At 09.50 India time, circuit breakers on the NSE were triggered by a sharp fall in the value of the Nifty index, which the bourse said was due to “abnormal orders resulting in multiple trades at low prices”.
The market restarted with a pre-open phase at 10.00, with continuous trading resuming at 10.05. The NSE said the incident stemmed from 59 erroneous orders with an aggregate value of Rs. 650 crores (US$126 million) that were entered by Emkay Global Financial Services for an institutional client.
“These non-algo market orders have been entered for an erroneous quantity which resulted in executing trades at multiple price points across the entire order book thereby causing the circuit filter to be triggered,” said the NSE.
Emkay closed out the erroneous positions and was subsequently disabled from trading by the exchange.

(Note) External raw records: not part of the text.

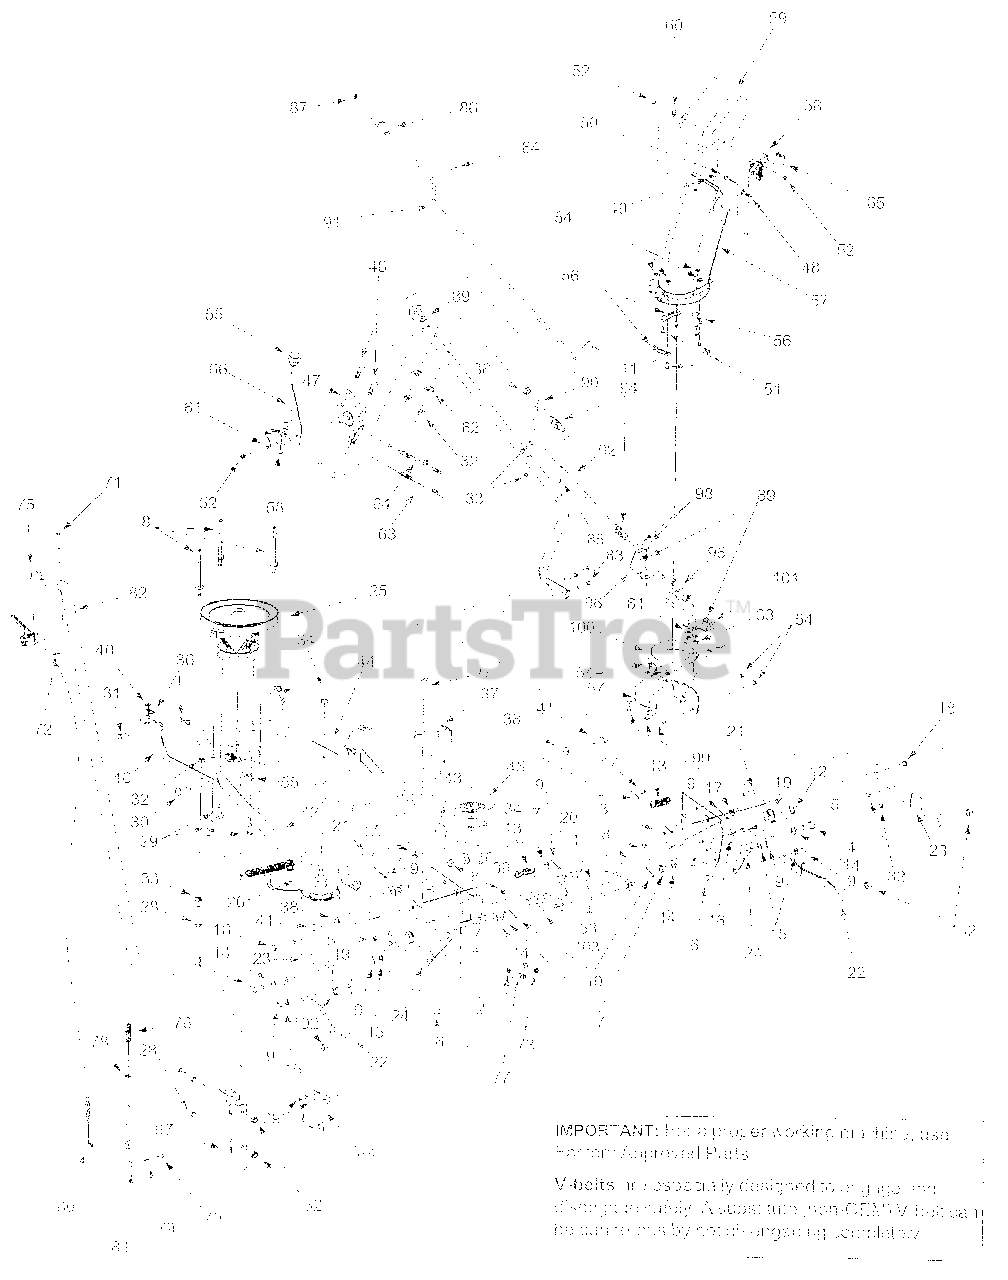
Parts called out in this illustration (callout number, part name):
2	RH Support Plate Assembly
3	LH Support Plate Assembly
4	Hex Cap Screw, 5/8-18 x 1.31
5	Hex Cap Screw, 3/8-16 x 1.0
6	Clevis Pin, .5 x .78
7	Slotted Hex Nut, 5/8-18
8	Belt Keeper Pin
9	Cotter Pin, .125 x .75
10	Cotter Pin, 1/8 x 1.25
11	Cotter Pin
12	Snap Ring
13	Compression Spring, .72 x 2.25
14	Flat Washer, .64 x 1.12 x .125
15	Flat Washer, .51 x 1.0 x .060
16	Bell Washer, .396 x 1.14 x .095
17	Flat Washer, .531 x .875 x .15
18	Shoulder Screw, .5 x .29, 3/8-16
19	Flange Bearing w/ Flats
20	Rod, 1/2 x 11.55
21	Handle Rod
25	Spindle Assembly
26	Double-idler Bracket Assembly
27	Hex Cap Screw, 3/8-16 x 1.75
28	Hex Cap Screw, 5/16-18 x 1.75
29	Self Tapping Screw, 5/16-18 x .75
30	Clevis Pin, .5 x 1.18
31	Clevis Pin, 3/8 x .75
32	Flange Lock Nut, 5/16-18
33	Hex Nut, 5/16-18
34	Hex Flange Lock Nut, 3/8-24
36	Click Pin, .092 x 1.64
37	Belt Guard
38	Flat Washer, .531 x .93 x .09
39	Flat Washer, .38 x .93 x .11
40	Flat Washer, .344 x .688 x .065
41	Shoulder Screw, 3/8-16, .5 x .835,
44	Upper V-belt
45	Idler Pulley, 3.5" Diameter
46	Pulley Mounting Bracket
48	Carraige Bolt, 5/16-18 x 1.5
49	Carraige Bolt, 5/16-18 x .75
50	Hex Index Washer Screw, 1/4-14 x .625
51	Hex Cap Screw, 1/4-20 x .75
52	Nylon Hex Lock Nut, 5/16-18
53	Hex Cap Screw, 5/16-18 x .75
54	Hex Flange Lock Nut, 1/4-20
55	Knob
56	Chute Flange Keeper
57	Lower Chute
58	Chute Tilt Cable Guide
59	Upper Chute
60	Flat Washer, .344 x 1.125 x .125
61	Bell Washer, .34 x .872
62	Saddle Washer, .32 x .93
63	Chute Cable, 62"
64	Chute Cable w/ Clip, 62"
70	Hex Index Washer Screw #10-16 x .375
71	Pan Phillips Screw, #10-24 x .75
72	Flat Weld Nut, #10-24
73	Hex Nut, 5/16-24
75	Handle Grip
76	Compression Spring, .406 x .531 x 1.75
77	Lock Washer, 5/16
78	Flat Washer, .385 x .62 x .063
79	Flat Washer, .194 x .62 x .063
80	Lift Cable, 42" w/ Trigger Control
81	Lift Index Rod
83	Hex Cap Screw, 5/16-18 x 1.5
84	Rolled Pin, 1/8 x .63
85	Spirol Pin, .125 x .82
86	Crank Knob
87	Push Cap, 3/8 ID
88	Rubber Grommet , .44 x .94 x .5
89	Plastic Bushing
90	Eye Bolt
91	Chute Crank Rod, .375 x 33
92	Rod, .375 x 11.375
94	Joint Block Assembly
95	Chute Crank Assembly
98	Splined Carriage Screw, 5/16-18 x 1.0
99	Carriage Screw, 1/4-20 x .5
100	Adapter Chute
102	Hex Lock Nut, 1/2-13
103	Heat Shield

The incident will raise yet more questions on the ability of markets to cope with erroneous trades and whether there are appropriate mechanisms to catch algo-based or fat finger errors before they hit the market.
Earlier this week, trades in US-listed Kraft had to be cancelled across six exchanges after a broker error caused its price to surge by over 25% in a matter of seconds. The error occurred just one day after Kraft switched its listing from the New York Stock Exchange to Nasdaq OMX.